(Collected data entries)
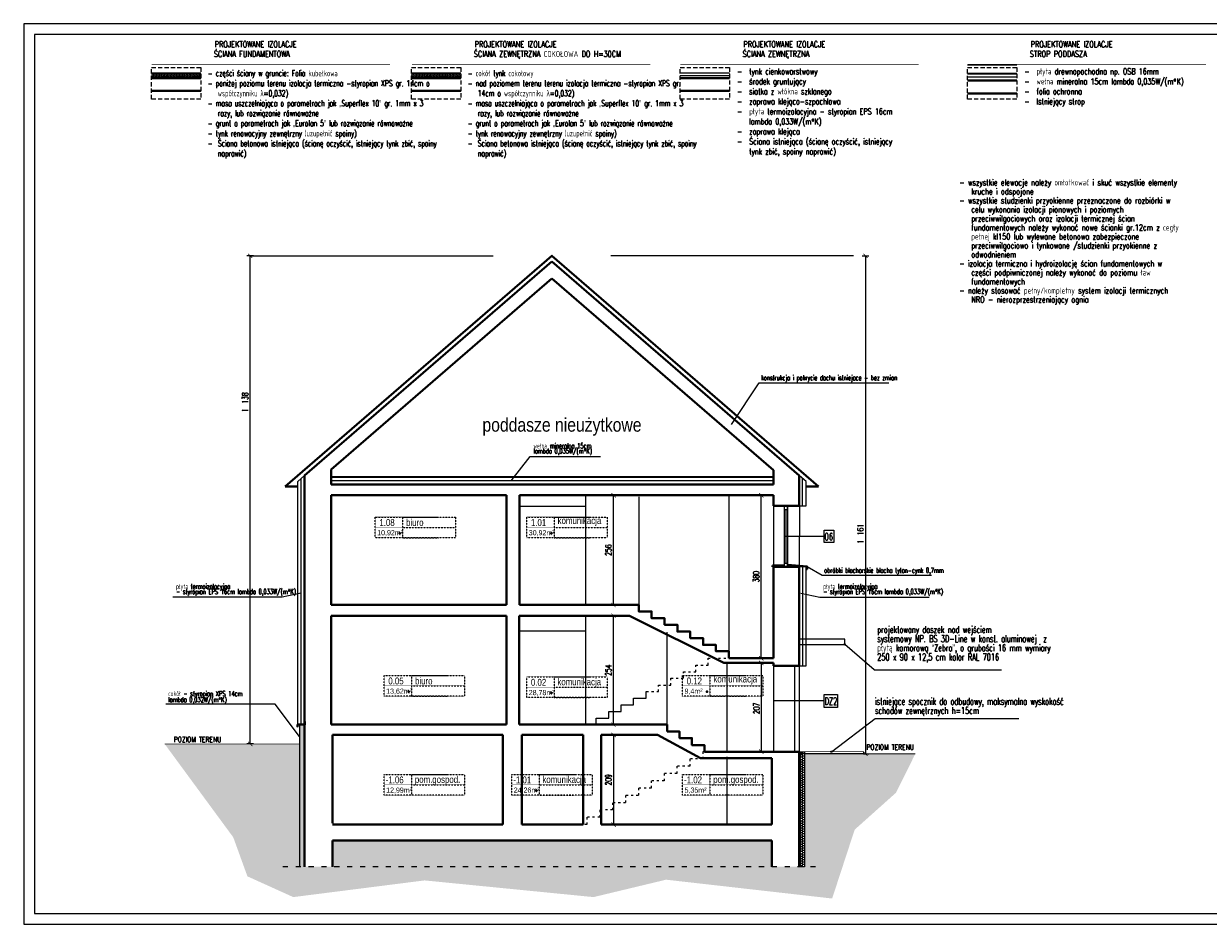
# Model space of a CAD drawing. Header units: millimetres. Extents: x 8949 to 18258, y -1077 to 30686.
# Tile 62 of 89: x 12242 to 15004, y 20999 to 23099. Entities that reach past the tile are written whole.
import ezdxf

# ---------------------------------------------------------------- set-up
doc = ezdxf.new("R2010")
doc.units = ezdxf.units.MM
doc.linetypes.add('ACAD_ISO03W100', pattern=[30, 12, -18])
doc.linetypes.add('DASHED', pattern=[0.75, 0.5, -0.25])
for name, color, linetype, lineweight in [('0A_HACZE', 83, 'Continuous', 9), ('0A_IINW_KONSTR', 1, 'Continuous', 40), ('0A_KONSTR', 1, 'Continuous', 40), ('0A_OCIEPLENIE', 30, 'Continuous', 9), ('0A_OPISY POM', 7, 'Continuous', 9), ('0A_POMOCNICZE', 30, 'Continuous', 9), ('0A_STOLARKA', 140, 'Continuous', 9), ('0A_WYMIARY', 7, 'Continuous', 9), ('0Z_LINIE WIDOCZNE', 7, 'Continuous', 9), ('0Z_OPISY', 7, 'Continuous', 9), ('SCHODY', 250, 'Continuous', 15)]:
    doc.layers.add(name, color=color, linetype=linetype, lineweight=lineweight)
for name, color, linetype in [('0A_OPISY OKIEN', 3, 'Continuous'), ('_a_drzwi', 2, 'Continuous'), ('Opisy', 4, 'Continuous')]:
    doc.layers.add(name, color=color, linetype=linetype)
doc.styles.add('1', font='simplex.shx', dxfattribs={"width": 0.6})
doc.styles.add('1_50', font='simplex.shx', dxfattribs={"width": 0.6})
doc.styles.add('m1_romans', font='romans.shx', dxfattribs={"width": 0.8})
doc.linetypes.add('BATTING', pattern='A,0.00254,-2.54,[134,ltypeshp.shx,S=2.54,R=0,X=-2.54,Y=0],-5.08,[134,ltypeshp.shx,S=2.54,R=180,X=2.54,Y=0],-2.54', length=10.16254)
doc.dimstyles.new('1_100', dxfattribs={"dimtxt": 14, "dimasz": 10, "dimexe": 8, "dimexo": 0, "dimgap": 5, "dimtad": 1, "dimdec": 0, "dimdsep": 46, "dimlunit": 6, "dimtxsty": '1_50', "dimblk": 'ARCHTICK', "dimcen": 5, "dimadec": 0, "dimazin": 0, "dimtfac": 1, "dimtdec": 0, "dimtix": 1, "dimtmove": 1, "dimatfit": 3, "dimldrblk": 'OBLIQUE', "dimfxl": 20, "dimfxlon": 1, "dimtolj": 1, "dimtzin": 0, "dimarcsym": 0})

# ---------------------------------------------------------------- blocks, each defined once
blk = doc.blocks.new('_ARCHTICK')
at = {"color": 0, "linetype": 'ByBlock', "const_width": 0.15}
blk.add_lwpolyline([(-0.5, -0.5), (0.5, 0.5)], dxfattribs=at)
blk = doc.blocks.new('*D185')
at = {"layer": '0A_WYMIARY', "color": 0, "lineweight": -2, "transparency": 16777216}
for p, q in [((13969.9, 21608.8), (13953.9, 21608.8)), ((13961.9, 21608.8), (13961.9, 21401.8)), ((13969.9, 21401.8), (13953.9, 21401.8))]:
    blk.add_line(p, q, dxfattribs=at)
at = {"layer": 'Defpoints', "color": 0, "transparency": 16777216}
for p in [(13990.4, 21608.8), (13961.9, 21401.8), (13990.4, 21401.8)]:
    blk.add_point(p, dxfattribs=at)
at = {"layer": '0A_WYMIARY', "color": 0, "lineweight": -2, "transparency": 16777216, "xscale": 10, "yscale": 10, "zscale": 10}
for p, rotation in [((13961.9, 21608.8), 90), ((13961.9, 21401.8), 270)]:
    blk.add_blockref('_ARCHTICK', p, dxfattribs=dict(at, rotation=rotation))
at = {"layer": '0A_WYMIARY', "color": 0, "transparency": 16777216, "insert": (13950.8, 21502.8), "char_height": 14, "attachment_point": 5, "rotation": 90, "style": '1_50'}
blk.add_mtext('\\A1;207', dxfattribs=at)
blk = doc.blocks.new('_Oblique')
at = {"color": 0, "linetype": 'ByBlock', "lineweight": -2}
blk.add_line((-0.5, -0.5), (0.5, 0.5), dxfattribs=at)
blk = doc.blocks.new('*D186')
at = {"layer": '0A_WYMIARY', "color": 0, "lineweight": -2, "transparency": 16777216}
for p, q in [((13625.4, 21718.8), (13609.5, 21718.8)), ((13617.5, 21464.8), (13617.5, 21718.8)), ((13609.5, 21464.8), (13625.5, 21464.8))]:
    blk.add_line(p, q, dxfattribs=at)
at = {"layer": 'Defpoints', "color": 0, "transparency": 16777216}
for p in [(13617.5, 21718.8), (13625.4, 21718.8), (13577.4, 21464.8)]:
    blk.add_point(p, dxfattribs=at)
at = {"layer": '0A_WYMIARY', "color": 0, "lineweight": -2, "transparency": 16777216, "xscale": 10, "yscale": 10, "zscale": 10}
for p, rotation in [((13617.5, 21718.8), 90), ((13617.5, 21464.8), 270)]:
    blk.add_blockref('_ARCHTICK', p, dxfattribs=dict(at, rotation=rotation))
at = {"layer": '0A_WYMIARY', "color": 0, "transparency": 16777216, "insert": (13605.5, 21591.8), "char_height": 14, "attachment_point": 5, "rotation": 90, "style": '1_50'}
blk.add_mtext('\\A1;254', dxfattribs=at)
blk = doc.blocks.new('*D187')
at = {"layer": '0A_WYMIARY', "color": 0, "lineweight": -2, "transparency": 16777216}
for p, q in [((13609.5, 21999.8), (13625.5, 21999.8)), ((13617.5, 21743.8), (13617.5, 21999.8)), ((13609.5, 21743.8), (13625.5, 21743.8))]:
    blk.add_line(p, q, dxfattribs=at)
at = {"layer": 'Defpoints', "color": 0, "transparency": 16777216}
for p in [(13398.4, 21999.8), (13617.5, 21999.8), (13596.3, 21743.8)]:
    blk.add_point(p, dxfattribs=at)
at = {"layer": '0A_WYMIARY', "color": 0, "lineweight": -2, "transparency": 16777216, "xscale": 10, "yscale": 10, "zscale": 10}
for p, rotation in [((13617.5, 21999.8), 90), ((13617.5, 21743.8), 270)]:
    blk.add_blockref('_ARCHTICK', p, dxfattribs=dict(at, rotation=rotation))
at = {"layer": '0A_WYMIARY', "color": 0, "transparency": 16777216, "insert": (13605.5, 21871.8), "char_height": 14, "attachment_point": 5, "rotation": 90, "style": '1_50'}
blk.add_mtext('\\A1;256', dxfattribs=at)
blk = doc.blocks.new('*D188')
at = {"layer": '0A_WYMIARY', "color": 0, "lineweight": -2, "transparency": 16777216}
for p, q in [((13969.9, 21999.8), (13953.9, 21999.8)), ((13961.9, 21619.8), (13961.9, 21999.8)), ((13969.9, 21619.8), (13953.9, 21619.8))]:
    blk.add_line(p, q, dxfattribs=at)
at = {"layer": 'Defpoints', "color": 0, "transparency": 16777216}
for p in [(13961.9, 21999.8), (13990.4, 21999.8), (13990.4, 21619.8)]:
    blk.add_point(p, dxfattribs=at)
at = {"layer": '0A_WYMIARY', "color": 0, "lineweight": -2, "transparency": 16777216, "xscale": 10, "yscale": 10, "zscale": 10}
for p, rotation in [((13961.9, 21999.8), 90), ((13961.9, 21619.8), 270)]:
    blk.add_blockref('_ARCHTICK', p, dxfattribs=dict(at, rotation=rotation))
at = {"layer": '0A_WYMIARY', "color": 0, "transparency": 16777216, "insert": (13949.9, 21809.8), "char_height": 14, "attachment_point": 5, "rotation": 90, "style": '1_50'}
blk.add_mtext('\\A1;380', dxfattribs=at)
blk = doc.blocks.new('*D189')
at = {"layer": '0A_WYMIARY', "color": 0, "lineweight": -2, "transparency": 16777216}
for p, q in [((13625.5, 21440.8), (13609.5, 21440.8)), ((13617.5, 21440.8), (13617.5, 21231.8)), ((13609.5, 21231.8), (13625.5, 21231.8))]:
    blk.add_line(p, q, dxfattribs=at)
at = {"layer": 'Defpoints', "color": 0, "transparency": 16777216}
for p in [(13720.1, 21440.8), (13555.4, 21231.8), (13617.5, 21231.8)]:
    blk.add_point(p, dxfattribs=at)
at = {"layer": '0A_WYMIARY', "color": 0, "lineweight": -2, "transparency": 16777216, "xscale": 10, "yscale": 10, "zscale": 10}
for p, rotation in [((13617.5, 21440.8), 90), ((13617.5, 21231.8), 270)]:
    blk.add_blockref('_ARCHTICK', p, dxfattribs=dict(at, rotation=rotation))
at = {"layer": '0A_WYMIARY', "color": 0, "transparency": 16777216, "insert": (13605.5, 21336.3), "char_height": 14, "attachment_point": 5, "rotation": 90, "style": '1_50'}
blk.add_mtext('\\A1;209', dxfattribs=at)
blk = doc.blocks.new('*D403')
at = {"layer": '0A_WYMIARY', "color": 0, "lineweight": -2}
for p, q in [((12778.5, 22558), (12762.5, 22558)), ((12770.5, 21419.8), (12770.5, 22558)), ((12778.5, 21419.8), (12762.5, 21419.8))]:
    blk.add_line(p, q, dxfattribs=at)
at = {"layer": 'Defpoints', "color": 0}
for p in [(12770.5, 22558), (13473.9, 22558), (12885.4, 21419.8)]:
    blk.add_point(p, dxfattribs=at)
at = {"layer": '0A_WYMIARY', "color": 0, "linetype": 'ByBlock', "lineweight": -2, "xscale": 10, "yscale": 10, "zscale": 10}
for p, rotation in [((12770.5, 22558), 90), ((12770.5, 21419.8), 270)]:
    blk.add_blockref('_ARCHTICK', p, dxfattribs=dict(at, rotation=rotation))
at = {"layer": '0A_WYMIARY', "color": 0, "insert": (12758.5, 22216.6), "char_height": 14, "attachment_point": 5, "rotation": 90, "style": '1_50'}
blk.add_mtext('\\A1;1ﾠ138', dxfattribs=at)
blk = doc.blocks.new('*D404')
at = {"layer": '0A_WYMIARY', "color": 0, "lineweight": -2}
for p, q in [((14197, 22558), (14213, 22558)), ((14205, 22558), (14205, 21396.8)), ((14200.4, 21396.8), (14213, 21396.8))]:
    blk.add_line(p, q, dxfattribs=at)
at = {"layer": 'Defpoints', "color": 0}
for p in [(13473.9, 22558), (14200.4, 21396.8), (14205, 21396.8)]:
    blk.add_point(p, dxfattribs=at)
at = {"layer": '0A_WYMIARY', "color": 0, "linetype": 'ByBlock', "lineweight": -2, "xscale": 10, "yscale": 10, "zscale": 10}
for p, rotation in [((14205, 22558), 90), ((14205, 21396.8), 270)]:
    blk.add_blockref('_ARCHTICK', p, dxfattribs=dict(at, rotation=rotation))
at = {"layer": '0A_WYMIARY', "color": 0, "insert": (14193, 21909.9), "char_height": 14, "attachment_point": 5, "rotation": 90, "style": '1_50'}
blk.add_mtext('\\A1;1ﾠ161', dxfattribs=at)

msp = doc.modelspace()

# ---------------------------------------------------------------- hatches: boundary and pattern name
at = {"layer": '0A_HACZE', "transparency": 33554687}
h = msp.add_hatch(dxfattribs=at)
h.set_pattern_fill('AR-CONC', color=8, scale=0.2, angle=7e-15)
h.paths.add_polyline_path([(12885.4, 21419.8), (12571.1, 21419.8), (12664.6, 21292.5), (12731.1, 21202), (12764, 21111.1), (12870.9, 21062.7), (13177, 21101.6), (13570.9, 21062.7), (13740, 21103.3), (14127.2, 21059.4), (14179.7, 21219.9), (14276, 21306), (14321.1, 21396.8), (14062.4, 21396.8), (14062.4, 21133.4), (12885.4, 21133.4)])
h.paths.add_polyline_path([(13986.4, 21194.8), (12962.4, 21194.8), (12962.4, 21133.4), (13986.4, 21133.4)], flags=17)
at = {"layer": '0A_OCIEPLENIE', "transparency": 33554687}
h = msp.add_hatch(dxfattribs=at)
h.set_pattern_fill('HONEY', color=256, scale=0.75)
h.set_pattern_definition([(0, (-189328.888, -3472.144), (3.571875, 2.062222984), [2.38125, -4.7625]), (120, (-189328.888, -3472.144), (-3.571874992, 2.062222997), [2.38125, -4.7625]), (60, (-189328.888, -3472.144), (8e-09, 4.12444598), [-4.7625, 2.38125])])
h.paths.add_polyline_path([(12540.6, 22972.3), (12655.6, 22972.3), (12655.6, 22984.3), (12540.6, 22984.3)])
h = msp.add_hatch(dxfattribs=at)
h.set_pattern_fill('HONEY', color=256, scale=0.75)
h.set_pattern_definition([(0, (-188722.9012, -3472.144), (3.571875, 2.062222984), [2.38125, -4.7625]), (120, (-188722.9012, -3472.144), (-3.571874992, 2.062222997), [2.38125, -4.7625]), (60, (-188722.9012, -3472.144), (8e-09, 4.12444598), [-4.7625, 2.38125])])
h.paths.add_polyline_path([(13146.6, 22972.3), (13261.6, 22972.3), (13261.6, 22984.3), (13146.6, 22984.3)])
h = msp.add_hatch(dxfattribs=at)
h.set_pattern_fill('HONEY', color=256)
h.paths.add_polyline_path([(12897.4, 21464.8), (12885.4, 21464.8), (12885.4, 21133.4), (12897.4, 21133.4)])
h = msp.add_hatch(dxfattribs=at)
h.set_pattern_fill('HONEY', color=256)
h.paths.add_polyline_path([(14062.4, 21401.8), (14056.4, 21401.8), (14056.4, 21133.4), (14062.4, 21133.4)])
h.paths.add_polyline_path([(14056.4, 21401.8), (14050.4, 21401.8), (14050.4, 21133.4), (14056.4, 21133.4)])
at = {"layer": '0A_OPISY OKIEN', "transparency": 33554687}
h = msp.add_hatch(color=256, dxfattribs=at)
h.dxf.hatch_style = 1
h.paths.add_polyline_path([(14154.9, 21651.8, -1), (14157.9, 21651.8, -1)])
h = msp.add_hatch(color=256, dxfattribs=at)
h.dxf.hatch_style = 1
h.paths.add_polyline_path([(14126.9, 21401.8, 1), (14123.9, 21401.8, 1)])

# ---------------------------------------------------------------- linework, layer by layer
at = {"layer": '0A_IINW_KONSTR'}
for p, q in [((12540.6, 22972.3), (12655.6, 22972.3)), ((13146.6, 22972.3), (13261.6, 22972.3)), ((13773.1, 22972.3), (13888.1, 22972.3)), ((14442.9, 22966.6), (14557.9, 22966.6)), ((12540.6, 22942.3), (12655.6, 22942.3)), ((13146.6, 22942.3), (13261.6, 22942.3)), ((13773.1, 22942.3), (13888.1, 22942.3)), ((14442.9, 22936.6), (14557.9, 22936.6)), ((14015.4, 21835.7), (13987.9, 21835.7)), ((13987.9, 21832.7), (13987.9, 21835.7)), ((13989.9, 21832.7), (13987.9, 21832.7)), ((14019.1, 21832.7), (13989.9, 21832.7))]:
    msp.add_line(p, q, dxfattribs=at)
msp.add_lwpolyline([(14067.7, 21831), (14067.7, 21827.6), (14068.9, 21827.6), (14068.9, 21833.7), (14023.4, 21837.3)], dxfattribs=at)
at = {"layer": '0A_KONSTR'}
msp.add_line((13886.4, 21619.8), (13990.4, 21619.8), dxfattribs=at)
for points in [[(12852.1, 22019.8), (13473.9, 22558), (14095.7, 22019.8)], [(13473.9, 22544.8), (12897.4, 22045.8)], [(13473.9, 22544.8), (14050.4, 22045.8)], [(13473.9, 22505.1), (12959.4, 22059.8)], [(13473.9, 22505.1), (13990.4, 22058)], [(12897.4, 22045.8), (12897.4, 21133.4)], [(12959.4, 22059.8), (12959.4, 22024.8)], [(13990.4, 22024.8), (13990.4, 22058)], [(14050.4, 21974.8), (14050.4, 22045.8)], [(12881.4, 22019.8), (12852.1, 22019.8)], [(13990.4, 22024.8), (12959.4, 22024.8)], [(14066.4, 22019.8), (14095.7, 22019.8)], [(13368.4, 21999.8), (12959.4, 21999.8)], [(12959.4, 21999.8), (12959.4, 21743.8)], [(13368.4, 21999.8), (13368.4, 21743.8)], [(13990.4, 21999.8), (13398.4, 21999.8)], [(13398.4, 21999.8), (13398.4, 21743.8)], [(13990.4, 21974.8), (13990.4, 21999.8)], [(13990.4, 21974.8), (14050.4, 21974.8)], [(13987.9, 21832.7), (14050.4, 21832.7)], [(13990.4, 21619.8), (13990.4, 21832.8)], [(13990.4, 21832.8), (14050.4, 21832.8)], [(14050.4, 21601.8), (14050.4, 21832.8)], [(13368.4, 21743.8), (12959.4, 21743.8)], [(13886.4, 21619.8), (13886.4, 21635.8), (13856.4, 21635.8), (13856.4, 21650.8), (13826.4, 21650.8), (13826.4, 21666.8), (13796.4, 21666.8), (13796.4, 21681.8), (13766.4, 21681.8), (13766.4, 21697.8), (13736.4, 21697.8), (13736.4, 21712.8), (13706.4, 21712.8), (13706.4, 21728.8), (13676.4, 21728.8), (13676.4, 21743.8), (13398.4, 21743.8)], [(13368.4, 21718.8), (12959.4, 21718.8)], [(12959.4, 21718.8), (13368.4, 21718.8)], [(12959.4, 21718.8), (12959.4, 21464.8)], [(13368.4, 21718.8), (13368.4, 21464.8)], [(13397.4, 21718.8), (13397.4, 21464.8)], [(13397.4, 21718.8), (13654.9, 21718.8), (13874.9, 21608.8), (13990.4, 21608.8)], [(13990.4, 21601.8), (13990.4, 21608.8)], [(13990.4, 21601.8), (14050.4, 21601.8)], [(12897.9, 21471.9), (12897.9, 21464.8), (12881.1, 21464.8), (12880.7, 21464.3), (12880.7, 21460), (12880.8, 21460), (12880.8, 21461.9)], [(13368.4, 21464.8), (12959.4, 21464.8)], [(13742.4, 21448.8), (13742.4, 21464.8), (13397.4, 21464.8)], [(12962.4, 21440.8), (12962.4, 21234.8)], [(13359.4, 21440.8), (12962.4, 21440.8)], [(13359.4, 21440.8), (13359.4, 21231.8)], [(13403.4, 21440.8), (13403.4, 21231.8)], [(13546.4, 21440.8), (13403.4, 21440.8)], [(13546.4, 21440.8), (13546.4, 21231.8)], [(13986.4, 21386.8), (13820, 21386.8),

## Work required
Wherever the string "Continuous" shows up in a line of the records, count that line once. Report the total alone.

## Problem solution
2